The play Red Sky at Morning was filmed in 1944, starring Peter Finch. The biography Caddie, the Story of a Barmaid, to which Cusack wrote an introduction and helped the author write, was produced as the film Caddie in 1976. The novel Come In Spinner was produced as a television series by the Australian Broadcasting Corporation in 1989, and broadcast in March 1990.

==Family==
Her younger brother, John, was also an author, writing the war novel They Hosed Them Out under the pseudonym John Beede, which was first published in 1965; an expanded edition under the author's real name, John Bede Cusack, was published in 2012 by Wakefield Press, edited and annotated by Robert Brokenmouth.

==Activism==
Cusack advocated social reform and described the need for reform in her writings. She contributed to the world peace movement during the Cold War era as an antinuclear activist. She and her husband Norman Freehill were members of the Communist Party and they left their entire estates to the Party in their wills.

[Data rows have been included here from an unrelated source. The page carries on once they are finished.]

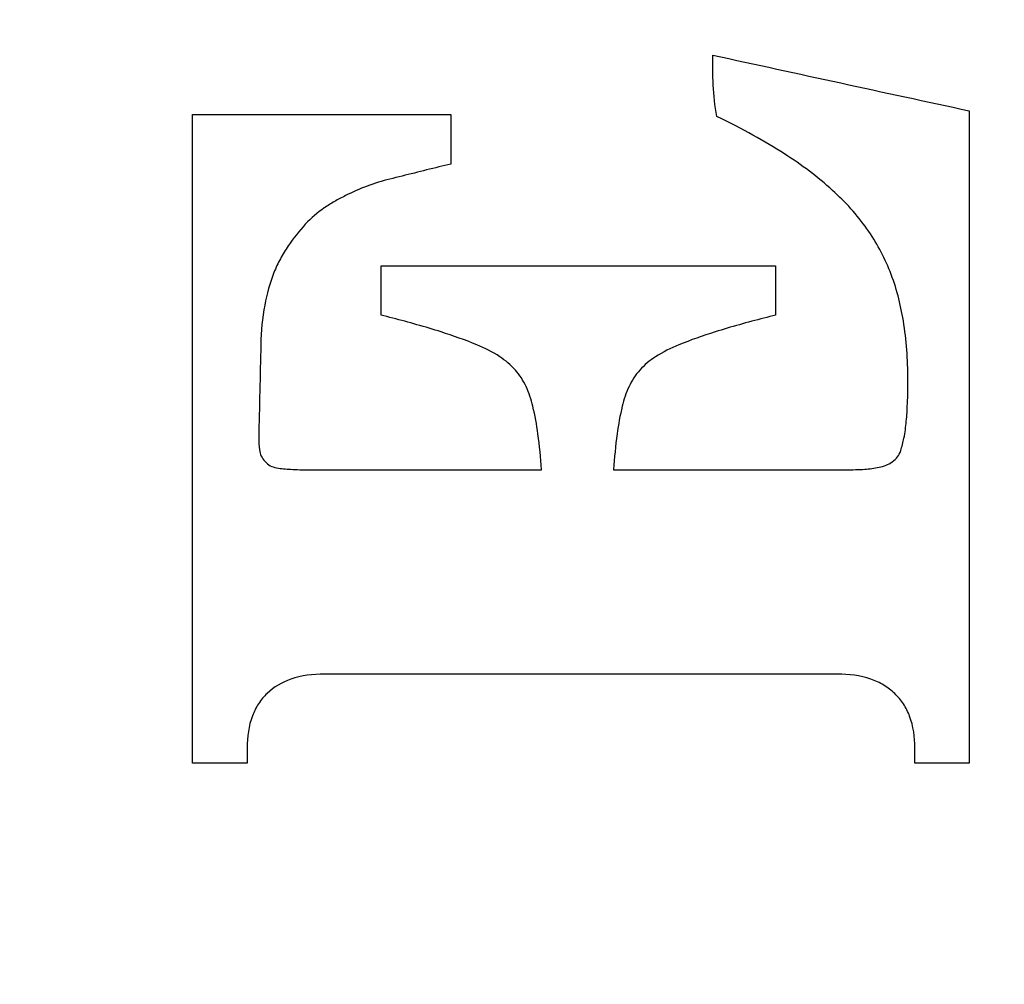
# Model space of a CAD drawing. Extents: x 68 to 125, y 76 to 211.
# Tile 30 of 89: x 78.81 to 81.09, y 139.77 to 142.01. Entities that reach past the tile are written whole.
import ezdxf

# ---------------------------------------------------------------- set-up
doc = ezdxf.new("R2010")
doc.units = 0
doc.layers.add('MAKE2D___U_53EF_U_89C1_U_0', color=7, linetype='CONTINUOUS')

# ---------------------------------------------------------------- blocks, each defined once
blk = doc.blocks.new('BLOCK_5')
at = {"layer": 'MAKE2D___U_53EF_U_89C1_U_0'}
blk.add_open_spline([(80.8318, 140.9832), (80.8223, 140.9767), (80.8125, 140.9726), (80.8012, 140.9703), (80.7901, 140.9681), (80.779, 140.9669), (80.7679, 140.966), (80.7534, 140.965), (80.7391, 140.9646), (80.7248, 140.9646), (80.5453, 140.9646), (80.3658, 140.9646), (80.1863, 140.9646), (80.1882, 140.9924), (80.191, 141.02), (80.1947, 141.0478), (80.1976, 141.0693), (80.2013, 141.0905), (80.2067, 141.1115), (80.2104, 141.1271), (80.2151, 141.1426), (80.2223, 141.1572), (80.2286, 141.171), (80.237, 141.1838), (80.2471, 141.1952), (80.2577, 141.2072), (80.2703, 141.2174), (80.2836, 141.2262), (80.3006, 141.2372), (80.3191, 141.2459), (80.3375, 141.2536), (80.3651, 141.2651), (80.393, 141.2748), (80.4213, 141.2837), (80.459, 141.2955), (80.4967, 141.306), (80.5346, 141.3157), (80.5437, 141.318), (80.5526, 141.3203), (80.5617, 141.3226), (80.5617, 141.3605), (80.5617, 141.3985), (80.5617, 141.4364), (80.2573, 141.4364), (79.9528, 141.4364), (79.6483, 141.4364), (79.6483, 141.3985), (79.6483, 141.3605), (79.6483, 141.3226), (79.6571, 141.3204), (79.666, 141.318), (79.6751, 141.3157), (79.7126, 141.306), (79.7502, 141.2955), (79.7872, 141.2837), (79.8153, 141.2748), (79.8429, 141.2651), (79.87, 141.2538), (79.8882, 141.246), (79.9064, 141.2374), (79.9229, 141.2264), (79.9363, 141.2175), (79.9485, 141.2072), (79.9592, 141.1954), (79.9692, 141.1839), (79.9776, 141.171), (79.984, 141.1573), (79.9874, 141.1499), (79.9904, 141.1425), (79.9929, 141.1348), (79.9954, 141.1271), (79.9976, 141.1194), (79.9996, 141.1115), (80.0047, 141.0905), (80.0084, 141.0693), (80.0114, 141.0478), (80.0153, 141.02), (80.018, 140.9924), (80.02, 140.9646), (79.8405, 140.9646), (79.661, 140.9646), (79.4815, 140.9646), (79.4672, 140.9646), (79.453, 140.9649), (79.4386, 140.9658), (79.4278, 140.9664), (79.4172, 140.9673), (79.4064, 140.9692), (79.3954, 140.9711), (79.3873, 140.9755), (79.3798, 140.9836), (79.3722, 140.9917), (79.3682, 141.0002), (79.3667, 141.0111), (79.3655, 141.02), (79.365, 141.029), (79.365, 141.0379), (79.3667, 141.1102), (79.3682, 141.1827), (79.3699, 141.2551), (79.3706, 141.2855), (79.3733, 141.316), (79.3788, 141.3459), (79.3837, 141.3715), (79.3906, 141.397), (79.4002, 141.4212), (79.4047, 141.4321), (79.4096, 141.4428), (79.4152, 141.4531), (79.4206, 141.4634), (79.4268, 141.4731), (79.4332, 141.4827), (79.4453, 141.5006), (79.4584, 141.5175), (79.4729, 141.533), (79.4862, 141.5471), (79.501, 141.5598), (79.5167, 141.5707), (79.5244, 141.5761), (79.5325, 141.5809), (79.5404, 141.5856), (79.5487, 141.5904), (79.5573, 141.5949), (79.5659, 141.5992), (79.5985, 141.6157), (79.6327, 141.6287), (79.6685, 141.6375), (79.7064, 141.6469), (79.7441, 141.6563), (79.782, 141.6655), (79.7911, 141.6677), (79.8, 141.6701), (79.8094, 141.6723), (79.8094, 141.7106), (79.8094, 141.749), (79.8094, 141.7873), (79.6102, 141.7873), (79.4109, 141.7873), (79.2117, 141.7873), (79.2117, 141.2866), (79.2117, 140.786), (79.2117, 140.2854), (79.254, 140.2854), (79.2962, 140.2854), (79.3384, 140.2854), (79.3384, 140.2973), (79.3384, 140.3092), (79.3384, 140.3211), (79.3384, 140.3461), (79.3415, 140.3715), (79.3504, 140.3949), (79.3541, 140.4047), (79.3588, 140.4142), (79.3647, 140.4231), (79.3701, 140.4317), (79.377, 140.4398), (79.3844, 140.447), (79.3999, 140.4617), (79.4192, 140.4728), (79.4393, 140.4799), (79.464, 140.4886), (79.4906, 140.4916), (79.5167, 140.4916), (79.9128, 140.4916), (80.3088, 140.4916), (80.7048, 140.4916), (80.731, 140.4916), (80.7573, 140.4885), (80.7822, 140.4798), (80.7928, 140.4762), (80.8026, 140.4716), (80.8122, 140.4659), (80.8213, 140.4604), (80.8297, 140.4538), (80.8374, 140.4465), (80.845, 140.4392), (80.8519, 140.4312), (80.8575, 140.4225), (80.8635, 140.4136), (80.8682, 140.4041), (80.8719, 140.3941), (80.8807, 140.371), (80.8839, 140.3459), (80.8839, 140.3211), (80.8839, 140.3092), (80.8839, 140.2973), (80.8839, 140.2854), (80.9258, 140.2854), (80.9677, 140.2854), (81.0095, 140.2854), (81.0095, 140.7888), (81.0095, 141.2922), (81.0095, 141.7956), (80.8117, 141.8385), (80.6137, 141.8815), (80.4159, 141.9244), (80.4159, 141.8787), (80.4159, 141.833), (80.4259, 141.7824), (80.4863, 141.7529), (80.5356, 141.7261), (80.5824, 141.6957), (80.6216, 141.6705), (80.6592, 141.6429), (80.6935, 141.6114), (80.7231, 141.5845), (80.7502, 141.5548), (80.7731, 141.5221), (80.7947, 141.4916), (80.8127, 141.4583), (80.8265, 141.4236), (80.841, 141.387), (80.8509, 141.3485), (80.8573, 141.3095), (80.8647, 141.2648), (80.8677, 141.2196), (80.8679, 141.1743), (80.8679, 141.1553), (80.8677, 141.1365), (80.8667, 141.1175), (80.8662, 141.104), (80.8657, 141.0904), (80.8642, 141.077), (80.8629, 141.0639), (80.8613, 141.0508), (80.8588, 141.0378), (80.8568, 141.0281), (80.8543, 141.0184), (80.8512, 141.0089), (80.8474, 140.9977), (80.8415, 140.9899), (80.8318, 140.9832)], degree=3, knots=[0, 0, 0, 0, 1, 1, 1, 2, 2, 2, 3, 3, 3, 4, 4, 4, 5, 5, 5, 6, 6, 6, 7, 7, 7, 8, 8, 8, 9, 9, 9, 10, 10, 10, 11, 11, 11, 12, 12, 12, 13, 13, 13, 14, 14, 14, 15, 15, 15, 16, 16, 16, 17, 17, 17, 18, 18, 18, 19, 19, 19, 20, 20, 20, 21, 21, 21, 22, 22, 22, 23, 23, 23, 24, 24, 24, 25, 25, 25, 26, 26, 26, 27, 27, 27, 28, 28, 28, 29, 29, 29, 30, 30, 30, 31, 31, 31, 32, 32, 32, 33, 33, 33, 34, 34, 34, 35, 35, 35, 36, 36, 36, 37, 37, 37, 38, 38, 38, 39, 39, 39, 40, 40, 40, 41, 41, 41, 42, 42, 42, 43, 43, 43, 44, 44, 44, 45, 45, 45, 46, 46, 46, 47, 47, 47, 48, 48, 48, 49, 49, 49, 50, 50, 50, 51, 51, 51, 52, 52, 52, 53, 53, 53, 54, 54, 54, 55, 55, 55, 56, 56, 56, 57, 57, 57, 58, 58, 58, 59, 59, 59, 60, 60, 60, 61, 61, 61, 62, 62, 62, 63, 63, 63, 64, 64, 64, 65, 65, 65, 66, 66, 66, 67, 67, 67, 68, 68, 68, 69, 69, 69, 70, 70, 70, 71, 71, 71, 72, 72, 72, 73, 73, 73, 74, 74, 74, 75, 75, 75, 76, 76, 76, 77, 77, 77, 77], dxfattribs=at)

msp = doc.modelspace()

# ---------------------------------------------------------------- linework, layer by layer
at = {"layer": 'MAKE2D___U_53EF_U_89C1_U_0', "color": 7}
msp.add_open_spline([(76.6301, 171.8462), (76.6365, 172.0291), (76.6429, 172.212), (76.6494, 172.3949), (76.6542, 172.5318), (76.6757, 172.6201), (76.7055, 172.684), (76.7354, 172.7479), (76.7736, 172.7874), (76.8177, 172.8098), (76.9058, 172.8546), (77.0174, 172.831), (77.1463, 172.7568), (77.2752, 172.6827), (77.4214, 172.5581), (77.586, 172.3796), (77.7507, 172.201), (77.9339, 171.9685), (78.1484, 171.6443), (79.708, 169.2881), (81.2675, 166.9319), (82.827, 164.5757), (84.1082, 162.6401), (84.68, 160.7402), (84.68, 158.419), (84.68, 136.476), (84.68, 114.533), (84.68, 92.59), (84.68, 90.2689), (84.1082, 88.3689), (82.827, 86.4333), (81.2675, 84.0771), (79.708, 81.7209), (78.1484, 79.3647), (77.9339, 79.0405), (77.7507, 78.808), (77.586, 78.6295), (77.4214, 78.4509), (77.2752, 78.3263), (77.1463, 78.2522), (77.0174, 78.1781), (76.9058, 78.1544), (76.8177, 78.1992), (76.7736, 78.2216), (76.7354, 78.2612), (76.7055, 78.325), (76.6757, 78.3889), (76.6542, 78.4772), (76.6494, 78.6142), (76.6429, 78.797), (76.6365, 78.9799), (76.6301, 79.1628), (76.6301, 110.0573), (76.6301, 140.9517), (76.6301, 171.8462), (78.3748, 169.2103), (80.1195, 166.5743), (81.8642, 163.9384), (83.0127, 162.2031), (83.5253, 160.4999), (83.5253, 158.419), (83.5253, 136.476), (83.5253, 114.533), (83.5253, 92.59), (83.5253, 90.5091), (83.0127, 88.8059), (81.8642, 87.0707), (80.1195, 84.4347), (78.3748, 81.7987), (76.6301, 79.1628)], degree=3, knots=[0, 0, 0, 0, 1, 1, 1, 2, 2, 2, 3, 3, 3, 4, 4, 4, 5, 5, 5, 6, 6, 6, 7, 7, 7, 8, 8, 8, 9, 9, 9, 10, 10, 10, 11, 11, 11, 12, 12, 12, 13, 13, 13, 14, 14, 14, 15, 15, 15, 16, 16, 16, 17, 17, 17, 18, 18, 18, 19, 19, 19, 20, 20, 20, 21, 21, 21, 22, 22, 22, 23, 23, 23, 23], dxfattribs=at)

# ---------------------------------------------------------------- block references
at = {"layer": 'MAKE2D___U_53EF_U_89C1_U_0'}
msp.add_blockref('BLOCK_5', (0, 0), dxfattribs=at)

doc.saveas('drawing.dxf')

==Contribution and recognition==
Cusack was a foundation member of the Australian Society of Authors in 1963. She had refused an Order of the British Empire, but was made a Member of the Order of Australia in 1981 for her contribution to Australian literature.

In 2011, Cusack was one of 11 authors, including Elizabeth Jolley, Manning Clark, and Dorothy Hewett, to be permanently recognised by the addition of brass plaques at the Writers' Walk, Sydney.

==Plays==
- Safety First, 1927
- Shallow Cups, 1933
- Anniversary, 1935. The play won first prize for an Anzac Fellowship competition for a play on a war theme. Cusack researched it in part on papers of her uncle who died at Gallipoli. The play premiered at the Sydney Conservatorium. It was performed again the following year. In the play, an old digger meets the ghosts of his comrades.
- Red Sky at Morning, performed 1935; published 1942
- Morning Sacrifice, 1943
- Comets Soon Pass, 1943
- Call Up Your Ghosts, with Miles Franklin, 1945
- Stand Still Time, 1946
- Pacific Paradise, 1955

==Novels==
- Jungfrau (1936)
- Pioneers on Parade (1939) with Miles Franklin
- Come In Spinner (1951) with Florence James
- Say No to Death (1951)
- Southern Steel (1953)
- Caddie, the Story of a Barmaid (1953) [Introduction only]
- The Sun in Exile (1955)
- Heatwave in Berlin (1961)
- Picnic Races (1962)
- Black Lightning (1964)
- The Sun is Not Enough (1967)
- The Half-Burnt Tree (1969)
- A Bough in Hell (1971)

==Radio plays==
- His Honor Comes to Tea
- Lure of the Inland Sea (1945)
- Mary Reibey (1947)
- Shoulder the Sky
- Exit
- The Golden Girls
- Spartacus

==Nonfiction==
- Chinese Women Speak. Angus & Robertson. Sydney. 1958.
- Holidays Among the Russians. Heinemann. London. 1964.
- Illyria Reborn. Heinemann. London. 1966.
- Mary Gilmore A Tribute. Australasian Book Society. London. 1965.
- A Window in the Dark. National Library of Australia. Canberra. 1991.

==Children's literature==
- Kanga-Bee and Kanga-Bo. Botany House. Sydney. 1945.
- Four Winds and a Family with Florence James. Shakespeare Head Press. London. 1947.